= Panchratna =

Panchratnam (lit. 'five Gemstones') is a noted skyscraper and a landmark in South Mumbai, India, near its Western Railway's Charni Road Station. It was built in 1975. It has 25 floors with a unique design where the bottom six floors face the road, the seventh floor is a terrace and the remaining floors from eight to twenty-five face the Arabian Sea, giving views of Queen's Necklace, Cuffe Parade, Nariman Point, Marine Drive, Chowpatty and Walkeshwar. It was developed by Vidyasagar & Daftary

==Architecture==
The first six floors were designed to be commercial offices while the floors above the seventh floor were designed to be residential apartments. By the early 1980s, most of the diamond market in Mumbai moved into the commercial offices, which drove up the demand for offices in nearby locations. Due to sustained high demand, the residential apartments were sold at commercial rates, where one residential apartment was converted into two or three commercial offices. In a decade, a local Mumbai newspaper estimated that the prices for each residential apartment was the most expensive residential real estate per sq. foot in all of Asia, including that of Hong Kong or Tokyo.

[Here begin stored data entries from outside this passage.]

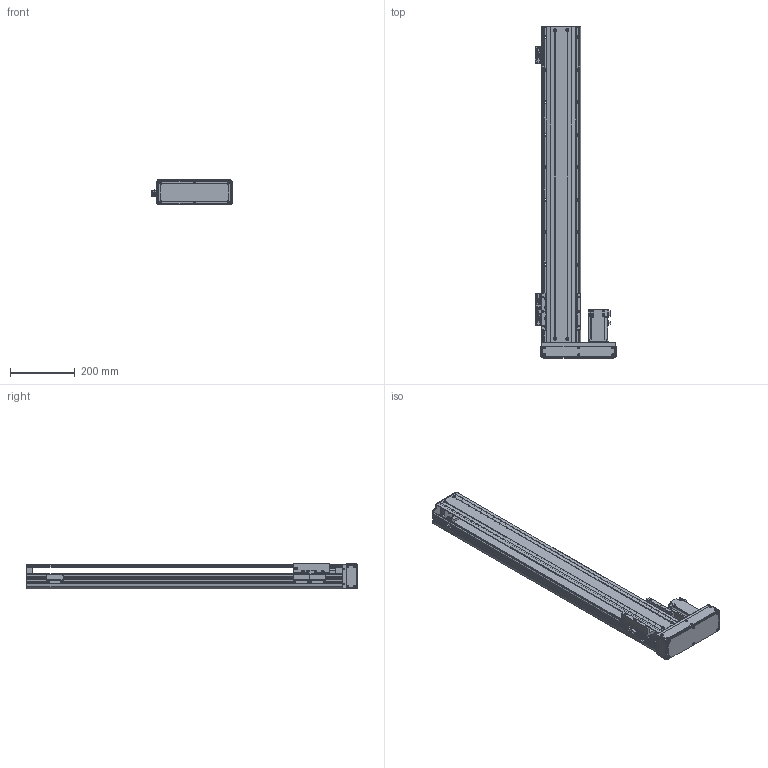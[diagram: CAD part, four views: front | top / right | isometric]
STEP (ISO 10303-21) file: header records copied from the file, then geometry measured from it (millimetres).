
FILE_DESCRIPTION(/* description */ ('MANUFACTURE'),/* implementation_level */ '2;1');
FILE_NAME(/* name */ '\\192.168.0.160\disk1\HAN SHIN Master\B-설계부문\C-표준\B-2024년\BC02-표준도면\+로봇 개선표준도면\홈페이지 표준 도면\홈페이지 최종 작업 폴더\3D\HR\HR120\HR120병렬\우병렬\HR120-R40-N-0800-L10.stp',/* time_stamp */ '2025-01-20T18:55:26+09:00',/* author */ ('user'),/* organization */ (''),/* preprocessor_version */ 'ST-DEVELOPER v18.1',/* originating_system */ 'Autodesk Inventor 2022',/* authorisation */ 'LIP');
FILE_SCHEMA (('CONFIG_CONTROL_DESIGN'));
Products named in the file (20): HG120-L40-N-0500-R10; HR120 S BASE; HR(HG) 120,130 FRONT BLOCK; HR(HG) 120,130 FRONT BLOCK_1; HR120 FRONT COVER; HG5UPCOV003; ORP6; HG120 TABLE-N; HR120 STOPPER; HR120 LR MOTOR PLATE (400W)-사출; MOTOR PLATE - 200W; hg-kr43_; 화살표; HR120 LR BELT COVER; HR160 ACRYL COVER - 1; HR160 ACRYL COVER - 1_1; HR160 ACRYL COVER - 1_2; HR120 SENSOR DOG; SENSOR BRK(EE-SX674A); EE_SX674A
Assembly tree (25 placements, depth 2):
  HG120-L40-N-0500-R10
    HR120 S BASE
    HR(HG) 120,130 FRONT BLOCK
    HR(HG) 120,130 FRONT BLOCK_1
    HR120 FRONT COVER
    HG5UPCOV003
    ORP6
    HG120 TABLE-N
    HR120 STOPPER
    HR120 LR MOTOR PLATE (400W)-사출
    MOTOR PLATE - 200W
    hg-kr43_
    화살표  x2
    HR120 LR BELT COVER
    HR160 ACRYL COVER - 1
    HR160 ACRYL COVER - 1_1
    HR160 ACRYL COVER - 1_2  x2
    SENSOR BRK(EE-SX674A)  x3
    EE_SX674A  x3
    HR120 SENSOR DOG
Bounding box: 250 x 1023 x 80 mm (x, y, z)
Volume: 2882455.7 mm3; surface area: 1183219.2 mm2
Topology: 25 solids, 25 shells, 3120 faces, 8968 edges, 5926 vertices
Faces by surface type: plane 2217, cylinder 756, cone 146, torus 1
Full cylindrical faces by diameter (mm): 2.459 x50, 3 x4, 3.242 x48, 3.4 x20, 3.5 x6, 4.134 x46, 4.5 x56, 4.917 x6, 5 x26, 5.5 x35, 5.8 x4, 5.9 x8, 6 x4, 6.6 x2, 7 x4, 7.5 x16, 8 x4, 9 x6, 9.5 x23, 14 x1, 17 x1, 20 x1, 22 x1, 24 x1, 28 x1, 32 x2, 33.7 x1, 50 x2
Entity records: 100145 total; most frequent: CARTESIAN_POINT 20537, ORIENTED_EDGE 16684, DIRECTION 15427, EDGE_CURVE 8342, LINE 6597, VECTOR 6597, VERTEX_POINT 5578, AXIS2_PLACEMENT_3D 4415

There are about 15 residences currently and the diamond market has moved from this building after a two decade run, to BKC. The Panchratna Housing Co-operative Society is preparing for a second re-run of encouraging residences to grow. The building has been in many news over the decades, but it is one of the first high rises to actually face the bay area of the city.

==13 July 2011 bombing==

On 13 July 2011, at 6:55 pm, when the 13 July 2011 Mumbai bombings took place, an improvised explosive device was detonated outside of Panchratna. Although most of the offices were empty at the time of the explosion, as many as thirty individuals on the streets nearby were injured or killed by the blasts. The bomb was one of three detonated that evening in Mumbai. Representatives of the diamond trade believed that the attacks specifically targeted their industry.